Most of the “obvious” cases appear at the extremes – developed, well-known democracies get a high ranking, while obvious dictatorships mostly get a low ranking. Many of the countries that seem to be misplaced, however, appear to be either small and little talked about in the news or not especially well-known to students; see, for example, Ghana (which is ranked lower than it should be, if Freedom House is right) and Armenia (which is ranked higher than it should be, if Freedom House is right). Would this change if more people contributed to the ranking, especially people from a variety of countries around the world (I know this blog gets a small readership from a number of unlikely countries –could my kind readers send this link around to people who might be interested, e.g., students?). Here's a heatmap of the student-generated rankings (darker is more democratic):


The map seems reasonable enough to the naked eye. It seems that even a simple informal ranking exercise can be a reasonable approximation to a professional ranking (like that generated by Freedom House) if the people doing the ranking have some knowledge of the countries being compared, so I would expect that more people participating would probably move the informal ranking closer to Freedom House’s measure. (Maybe this is a most cost-effective method of generating a democracy index – “the people’s democracy index,” as it were). But it could also be the case that the ranking would diverge more from the Freedom House ranking as people from diverse countries participated, with different understandings of democracy. Perhaps global opinion about which countries count as most democratic would diverge sharply from the opinions of Freedom House’s expert coders. Or perhaps it would be affected by national biases – people from particular countries would have a tendency to rank it higher/lower than a more “objective” ranking would. It would be interesting to know – so it would be great if you could spread the word by sending  this link around!
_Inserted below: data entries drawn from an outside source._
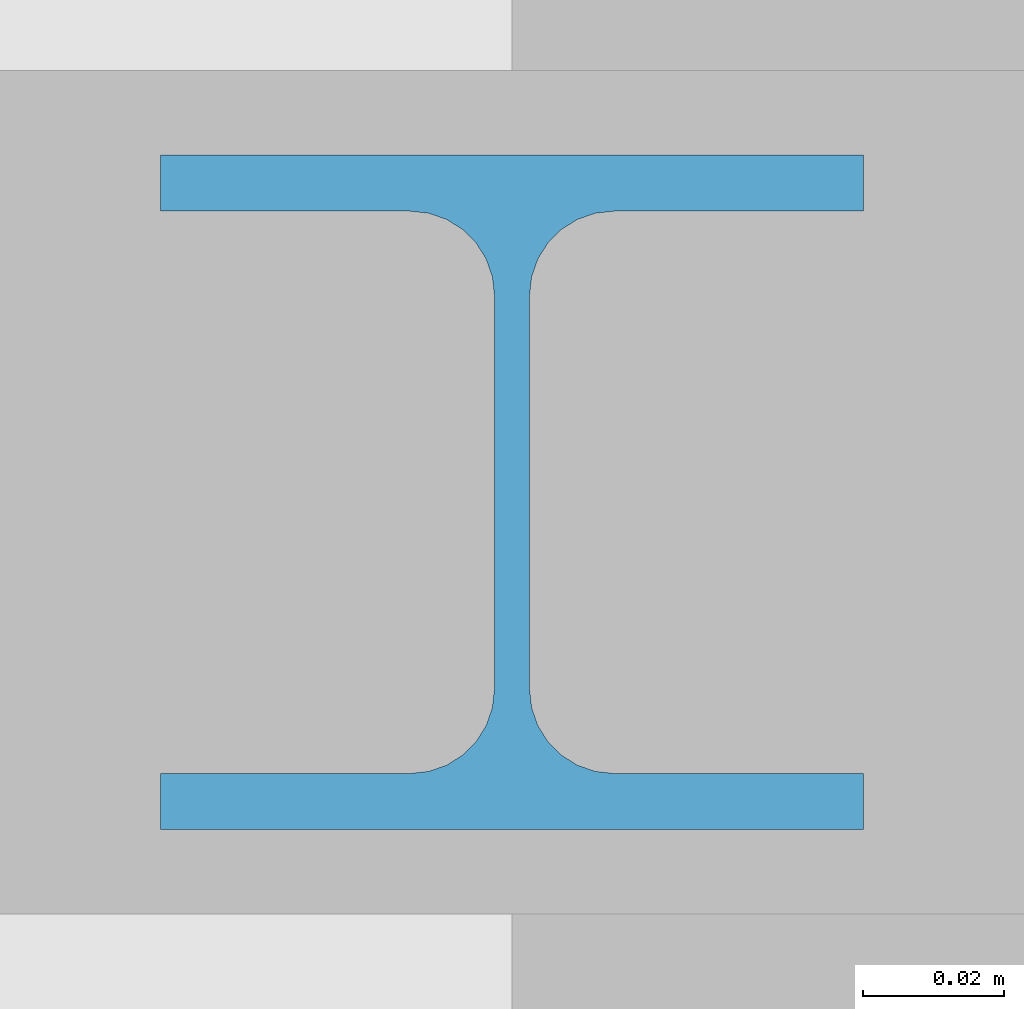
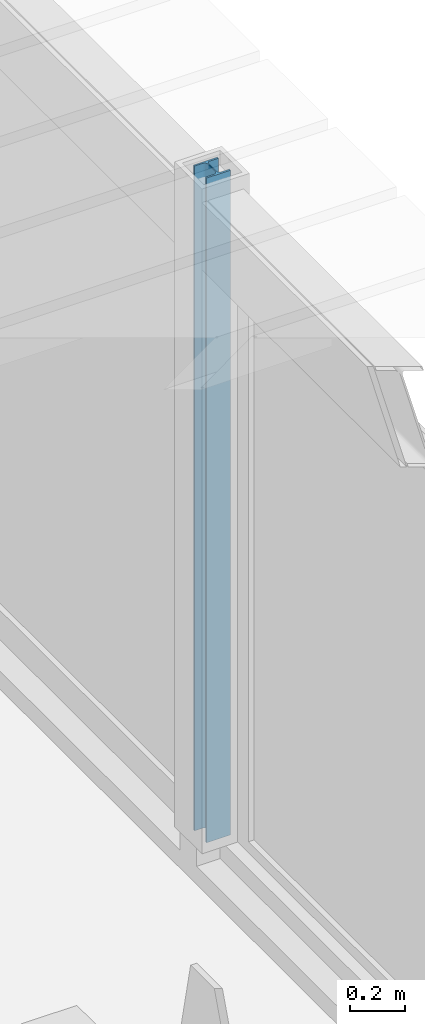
# One storey, part 7 of 28: 1 member.
"""IFC4X3_ADD2 building model written with IfcOpenShell, lengths in metres."""

from ifc_helpers import new_model, si_unit, direction, frame, origin_with_axes, origin_2d_with_axis, place, context, subcontext, project, spatial, i_section, extrude, material, element, save


model = new_model("IFC4X3_ADD2")

# Units and contexts
model_context = context("Model", 3, precision=1e-05, world=origin_with_axes(), true_north=direction((0.0, 1.0)))
body_context = subcontext(model_context, "Body", "Model", "MODEL_VIEW")
ifc_project = project(units=[si_unit("LENGTHUNIT", "METRE"), si_unit("AREAUNIT", "SQUARE_METRE"), si_unit("VOLUMEUNIT", "CUBIC_METRE"), si_unit("PLANEANGLEUNIT", "RADIAN"), si_unit("TIMEUNIT", "SECOND"), si_unit("MASSUNIT", "GRAM")], contexts=[model_context])

# Site, building, storey
site_placement = place(None, origin_with_axes())
site = spatial("IfcSite", under=ifc_project, at=site_placement, Name="Site", CompositionType="ELEMENT")
building_placement = place(site_placement, origin_with_axes())
building = spatial("IfcBuilding", under=site, at=building_placement, Name="Default Building")
storey_placement = place(building_placement, frame((0.0, 0.0, -0.08), z_axis=(0.0, 0.0, 1.0), x_axis=(1.0, 0.0, 0.0)))
storey = spatial("IfcBuildingStorey", under=building, at=storey_placement, Name="Gruendung", Elevation=-0.08)

# Member
ifc_material = material(Name="Default")
member_placement = place(storey_placement, frame((25.0, 9.500000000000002, 0.08), z_axis=(0.0, 0.0, 1.0), x_axis=(-1.0, 0.0, 0.0)))
element("IfcMember", 1, at=member_placement, inside=storey, material=ifc_material, Name="Wide Flange", ObjectType="HEA 100", context=body_context, shape_type="SweptSolid", body=[
    extrude(i_section(OverallWidth=0.1, OverallDepth=0.096, WebThickness=0.005, FlangeThickness=0.008, FilletRadius=0.012, at=origin_2d_with_axis()), origin_with_axes(), (0.0, 0.0, 1.0), 2.96),
])

save(model, "model.ifc")

(I have also wondered whether this method would work for generating “historic” data on democracy. But the obvious way of doing this would introduce many very unlikely or difficult comparisons– e.g., could we meaningfully compare democracy levels in 1964 Gambia vs. 1980 Angola using this method? – and the less obvious way would require one to set up a website for each distinct year).


[1] Technically, an index of democracy and a regime classification are two different things. The Economist and Freedom House produce indexes of democracy/freedom – an aggregated measure of the degree of democracy in a given country at any particular point in time, ranging from 0 to 100. A regime classification instead takes regimes as types, and attempts to determine whether a given country should be categorized as one kind or another.